Le C. des P. De ce point de vue, la science avance ?

MS Sur la question du réel, ce qui avance c’est un certain nombre de saisies, de techniques perceptives ou expérimentales. Surtout ce qui avance ce sont les techniques de mesure. Quand on en est au nanomètre on est, me semble-t-il, plus proche du réel que lorsqu’on en était au centimètre. Mais de quel réel s’agit-il ?

EK Naïvement on pourrait dire que le réel de la physique c’est la matière. Et en gros il y a deux sortes de contacts possibles avec elle.. Le contact direct : on observe les choses, les matériaux... On tape sur cette table, on constate qu’elle résiste. Et l’on tire de ces contacts le sentiment d’un présence matérielle qui est non alimentée par une représentation. Et puis il y a une deuxième possibilité de contact avec la matière qui est celle qui consiste à remplacer la matière par son double, par une mise en concept qui procède d’une stratégie de l’évitement. On contourne la matière pour essayer non pas de la regarder telle qu’elle est mais de la représenter par des concepts, des formalismes, des idées. Au bout du compte on espère qu’au bout de cette galipette conceptuelle on aboutira à une rencontre plus véritable que celle que l’on a de prime abord. Michel dit que lorsque l’on est à l’échelle du nanomètre on a une matière plus réelle que celle au centimètre. Je n’en suis pas certain... L’une des questions que pose la physique aujourd’hui et notamment la physique quantique (utilisée pour décrire les phénomènes subatomiques ndlr) c’est le lien qu’il y a entre le réel empirique, tel qu’il se donne, celui des expériences, et puis la représentation que l’on en fait. Et là, on retrouve la dichotomie entre le réalisme, l’idéalisme et la démarche scientifique quand à l’accès au réel.

Le C. des P. De quelle manière la physique pose-t-elle cette question du lien entre réel et imaginaire ?

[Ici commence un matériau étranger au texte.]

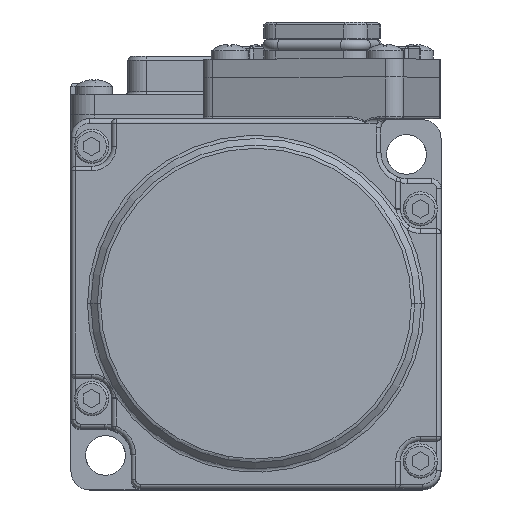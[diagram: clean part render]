
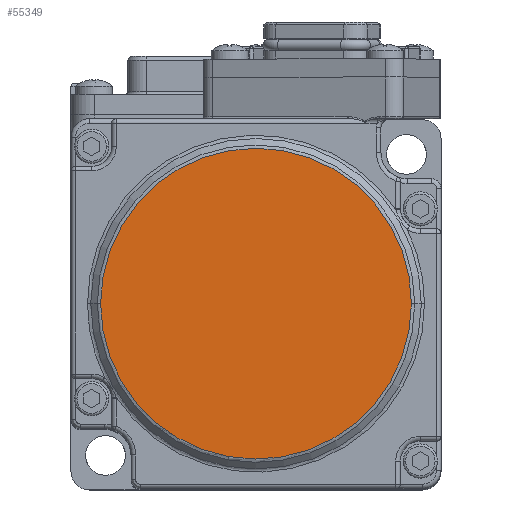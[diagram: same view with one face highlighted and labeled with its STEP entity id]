
A CAD part, top view. The second image highlights one B-rep face of the part: STEP entity #55349.
In plain terms, the highlighted planar face has unit normal (0, 0, 1).
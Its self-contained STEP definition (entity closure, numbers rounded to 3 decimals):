
#50896=CARTESIAN_POINT('',(0.,0.,17.5));
#50897=DIRECTION('',(0.,0.,-1.));
#50898=DIRECTION('',(1.,0.,0.));
#50899=AXIS2_PLACEMENT_3D('',#50896,#50897,#50898);
#50901=CARTESIAN_POINT('',(0.,0.,17.5));
#50902=DIRECTION('',(0.,0.,-1.));
#50903=DIRECTION('',(1.,-0.008,0.));
#50904=AXIS2_PLACEMENT_3D('',#50901,#50902,#50903);
#50906=CARTESIAN_POINT('',(0.,0.,17.5));
#50907=DIRECTION('',(0.,0.,-1.));
#50908=DIRECTION('',(-1.,0.,0.));
#50909=AXIS2_PLACEMENT_3D('',#50906,#50907,#50908);
#50911=CARTESIAN_POINT('',(0.,0.,17.5));
#50912=DIRECTION('',(0.,0.,-1.));
#50913=DIRECTION('',(-1.,0.008,0.));
#50914=AXIS2_PLACEMENT_3D('',#50911,#50912,#50913);
#51633=CARTESIAN_POINT('',(-16.792,0.134,17.5));
#51634=CARTESIAN_POINT('',(16.793,0.,17.5));
#51635=VERTEX_POINT('',#51633);
#51636=VERTEX_POINT('',#51634);
#51637=CARTESIAN_POINT('',(-16.793,0.,17.5));
#51638=VERTEX_POINT('',#51637);
#51639=CARTESIAN_POINT('',(16.792,-0.134,17.5));
#51640=VERTEX_POINT('',#51639);
#55336=CARTESIAN_POINT('',(0.,0.,17.5));
#55337=DIRECTION('',(0.,0.,1.));
#55338=DIRECTION('',(1.,0.,0.));
#55339=AXIS2_PLACEMENT_3D('',#55336,#55337,#55338);
#55340=PLANE('',#55339);
#55342=ORIENTED_EDGE('',*,*,#55341,.T.);
#55344=ORIENTED_EDGE('',*,*,#55343,.T.);
#55345=ORIENTED_EDGE('',*,*,#55324,.T.);
#55346=ORIENTED_EDGE('',*,*,#55322,.T.);
#55347=EDGE_LOOP('',(#55342,#55344,#55345,#55346));
#55348=FACE_OUTER_BOUND('',#55347,.F.);
#55349=ADVANCED_FACE('',(#55348),#55340,.T.);
#50900=CIRCLE('',#50899,16.793);
#50905=CIRCLE('',#50904,16.793);
#50910=CIRCLE('',#50909,16.793);
#50915=CIRCLE('',#50914,16.793);
#55322=EDGE_CURVE('',#51635,#51636,#50915,.T.);
#55324=EDGE_CURVE('',#51638,#51635,#50910,.T.);
#55341=EDGE_CURVE('',#51636,#51640,#50900,.T.);
#55343=EDGE_CURVE('',#51640,#51638,#50905,.T.);

EK Le point de départ de la physique quantique consiste à dire que l’on va représenter les états physiques dans des espaces abstraits (par des vecteurs d’état) qui ont un nombre infini de dimensions, brefs qui ne sont pas l’identique de l’espace physique dans lequel ont lieu les phénomènes. La représentation des systèmes se situe donc dans un espace qui s’est émancipé de l’espace physique. C’est grâce à cette émancipation que l’on peut prédire correctement des résultats d’expériences qui vont pourtant se dérouler dans l’espace physique ! En choisissant ce type d’espace par nécessité, on a créé une brèche entre le réel empirique, le monde des expériences, et puis la représentation abstraite que nous en donnons C’est dans cette brèche que viennent s’engouffrer les questions sur le lien entre la représentation abstraite et le résultat d’expériences qui ont lieu dans un réel à trois dimensions. C’est quand même une expérience bouleversante pour un physicien que de faire des calculs dans ce que l’on appelle un espace de Hilbert, des calculs complètement abstraits qui finissent par arriver à un nombre réel qui correspond à un résultat possible d’expérience pour voir que c’est dans cet espace mathématique qu’il a fallu faire les calculs pour trouver le résultat de l’expérience concrète. La représentation que propose la physique théorique aujourd’hui ce n’est pas une sténographie de l’expérience mais au contraire quelque chose qui s’émancipe de la réalité physique immédiate, s’en détourne complètement et y revient par le détour de règles de correspondance. Mais cette émancipation est la cause de toutes les question épistémologiques que pose la physique aujourd’hui.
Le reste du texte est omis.